Excel - IRR vs XIRR

I have an out flow and then monthly inflows for a month.  They are the
same time every month the first of the month.  When I use IRR I get 18%,
when I use XIRR I get 640%.  If i multiply 18% by 12 I get 217% which
seems right ,but doesn;t take into account compounding.  If use this
=(iRR(C4:C16)+1)^12-1) I get 633% which is very close to 640% but seems
way to high.  I have not even tripled my investment, which was -130,000
while making 440,00 total over the year.  Can someone tell me which
number is correct and why?




--
Csmithers

Would you please list the 12 monthly cash flows

I understand that your initial cash outlay is $-130,000

It also seems you have a typo in total benefits which I assume equals
$440,000 rather that what you have posted as $440,00

I assume that the cash flows are not in equal amounts as when I
divided 440,000 by 12 the IRR values are much different than you
quoted

So unless you post your monthly cash flows, there is no way for me to
verify the result of IRR function

With that out of the way, I would like to add a few comments

You stated that the monthly benefits (+ve cash flows) occur at start
of month. That leads me to think that your XIRR results are the most
accurate here unless my assumption is incorrect that you did not add
the initial cash outlay and first monthly benefit to arrive at the
cash flow at time period 0

Thus please post the cash flows for each of the months so I can have a
look


,

All are right and wrong!

First, IRR returns the periodic rate.  If you have monthly cash flows, IRR
returns a monthly rate.

In contrast, XIRR always returns an annual rate.

That explains why XIRR is so much larger than the (monthly) IRR.

Second, there is no general agreement on how to annualize a periodic rate.
To some degree, it depends on what financial securities you are modelling,
the industry conventions applied to those securities, and even applicable
regional laws.  Sometimes it is correct to multiply a monthly IRR by 12;
sometimes it is correct to compound it over 12 periods; sometimes we
multiply by other factors.

In contrast, XIRR always compounds daily.

That partly explains why even when you compound the monthly IRR over 12
periods, it is not exactly the same as daily-compounded XIRR.

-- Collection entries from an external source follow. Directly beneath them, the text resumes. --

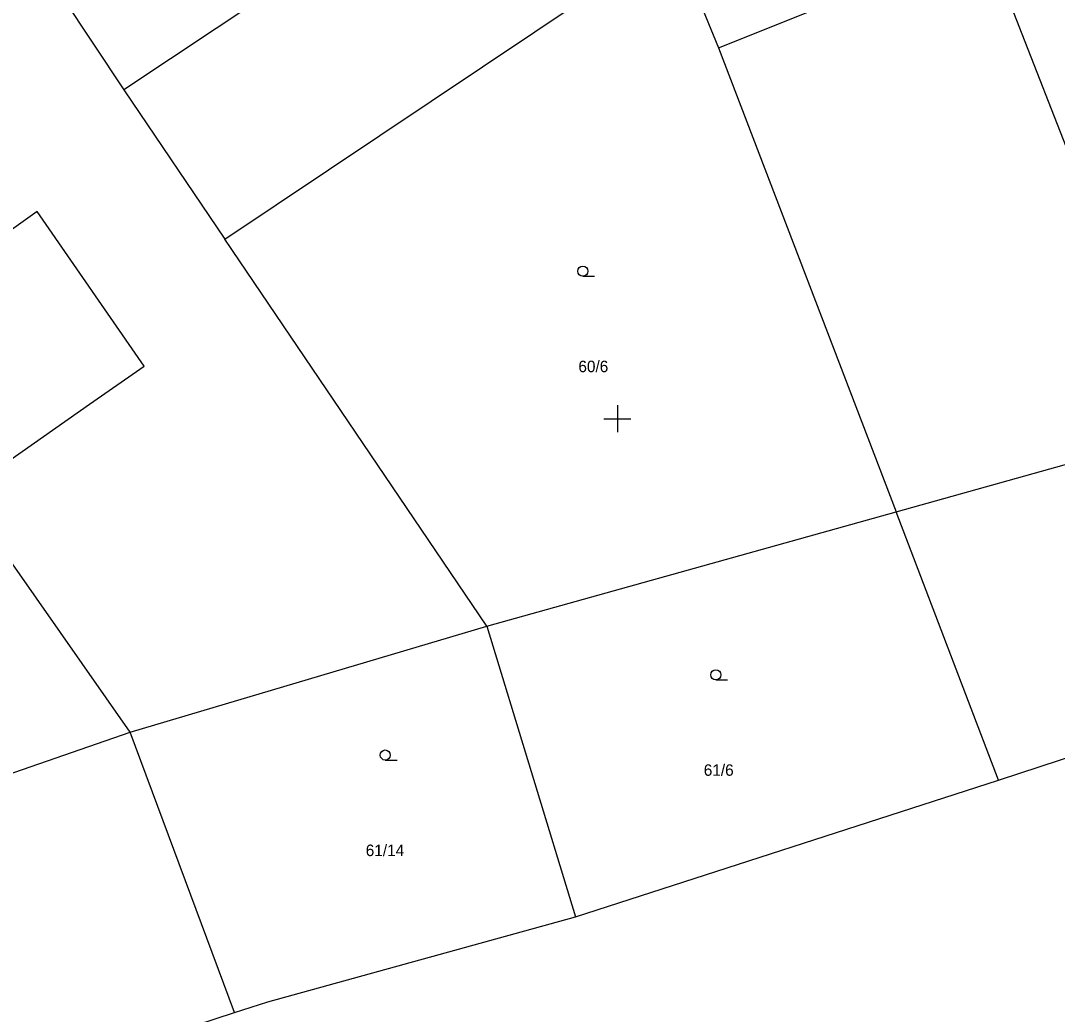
# Model space of a CAD drawing. Extents: x -703403 to -701924, y -1022520 to -1021856.
# Drawn here: x -703097.07 to -703058.73, y -1022097.03 to -1022060.28 of the extents above; entities that cross this region are included whole.
import ezdxf

# ---------------------------------------------------------------- set-up
doc = ezdxf.new("R2010")
doc.units = 0
for name, color, linetype in [('Z_hektometricka_sit', 7, 'Continuous'), ('Z_katastr_cisla_pozemkova', 7, 'Continuous'), ('Z_katastr_hranice', 7, 'Continuous'), ('Z_katastr_vnitrni_kresba', 7, 'Continuous'), ('Z_katastr_znacky_kultur', 7, 'Continuous')]:
    doc.layers.add(name, color=color, linetype=linetype)

msp = doc.modelspace()

# ---------------------------------------------------------------- linework, layer by layer
at = {"layer": 'Z_hektometricka_sit'}
for p, q in [((-703075, -1022074.5), (-703075, -1022075.5)), ((-703075.5, -1022075), (-703074.5, -1022075))]:
    msp.add_line(p, q, dxfattribs=at)
at = {"layer": 'Z_katastr_hranice'}
for p, q in [((-703089.52, -1022068.36), (-703072.9, -1022057.24)), ((-703072.9, -1022057.24), (-703071.26, -1022061.28)), ((-703096.77, -1022057.55), (-703093.26, -1022062.83)), ((-703054.27, -1022075.53), (-703060.65, -1022059.16)), ((-703071.26, -1022061.28), (-703064.68, -1022078.44)), ((-703093.26, -1022062.83), (-703089.52, -1022068.36)), ((-703079.83, -1022082.68), (-703089.52, -1022068.36)), ((-703064.68, -1022078.44), (-703054.27, -1022075.53)), ((-703079.83, -1022082.68), (-703064.68, -1022078.44)), ((-703060.9, -1022088.37), (-703064.68, -1022078.44)), ((-703093.02, -1022086.6), (-703097.38, -1022080.37)), ((-703093.02, -1022086.6), (-703079.83, -1022082.68)), ((-703079.83, -1022082.68), (-703076.55, -1022093.43)), ((-703060.9, -1022088.37), (-703050.86, -1022085.06)), ((-703107.31, -1022091.54), (-703093.02, -1022086.6)), ((-703089.17, -1022096.97), (-703093.02, -1022086.6)), ((-703076.55, -1022093.43), (-703060.9, -1022088.37)), ((-703087.93, -1022096.57), (-703076.55, -1022093.43)), ((-703089.17, -1022096.97), (-703087.93, -1022096.57)), ((-703103.78, -1022101.7), (-703089.17, -1022096.97))]:
    msp.add_line(p, q, dxfattribs=at)
at = {"layer": 'Z_katastr_vnitrni_kresba'}
for p, q in [((-703078.99, -1022053.35), (-703093.26, -1022062.83)), ((-703071.26, -1022061.28), (-703062.18, -1022057.65)), ((-703096.47, -1022067.34), (-703098.48, -1022068.76)), ((-703092.51, -1022073.06), (-703096.47, -1022067.34)), ((-703094.53, -1022074.46), (-703092.51, -1022073.06)), ((-703099.05, -1022077.63), (-703094.53, -1022074.46))]:
    msp.add_line(p, q, dxfattribs=at)
at = {"layer": 'Z_katastr_znacky_kultur'}
for p, q in [((-703076.278, -1022069.73), (-703075.841, -1022069.73)), ((-703071.358, -1022084.66), (-703070.921, -1022084.66)), ((-703083.588, -1022087.63), (-703083.151, -1022087.63))]:
    msp.add_line(p, q, dxfattribs=at)
for centre in [(-703076.278, -1022069.542), (-703071.358, -1022084.472), (-703083.588, -1022087.442)]:
    msp.add_circle(centre, 0.187, dxfattribs=at)

# ---------------------------------------------------------------- texts
at = {"layer": 'Z_katastr_cisla_pozemkova'}
for s, p in [('60/6', (-703076.443, -1022073.28)), ('61/6', (-703071.804, -1022088.21)), ('61/14', (-703084.31, -1022091.179))]:
    msp.add_text(s, height=0.425, dxfattribs=at).set_placement(p)

doc.saveas('drawing.dxf')

Third, by definition, IRR treats each month as the same length when using
monthly cash flows.  But XIRR uses the actual number of days.

That further explains why the monthly compounded IRR over 12 periods does
not agree exactly with the XIRR.

Finally, note that neither the IRR nor the XIRR can be computed
algebraically (unless all cash flows are the same, and they occur
regularly).  Instead, each function uses some algorithm to "home in on" the
rate that causes the (X)NPV to be close to zero.  Microsoft documentation
indicates that starting with Excel 2003, IRR and XIRR use the Newton-Raphson
method.

But each algorithm is implemented differently, which gives rise to
differences in the results due to arithmetic anomalies (due to binary
floating-point) as well as diffences in the tolerances and the underlying
differential formulas.

That is another reason why the monthly compounded IRR over 12 period does
not agree with the XIRR.

In actual practice, it is best not to read too much into the detailed
numerical results.  They are all only estimates anyway.  Choose whichever
function is more appropriate for the data that you have.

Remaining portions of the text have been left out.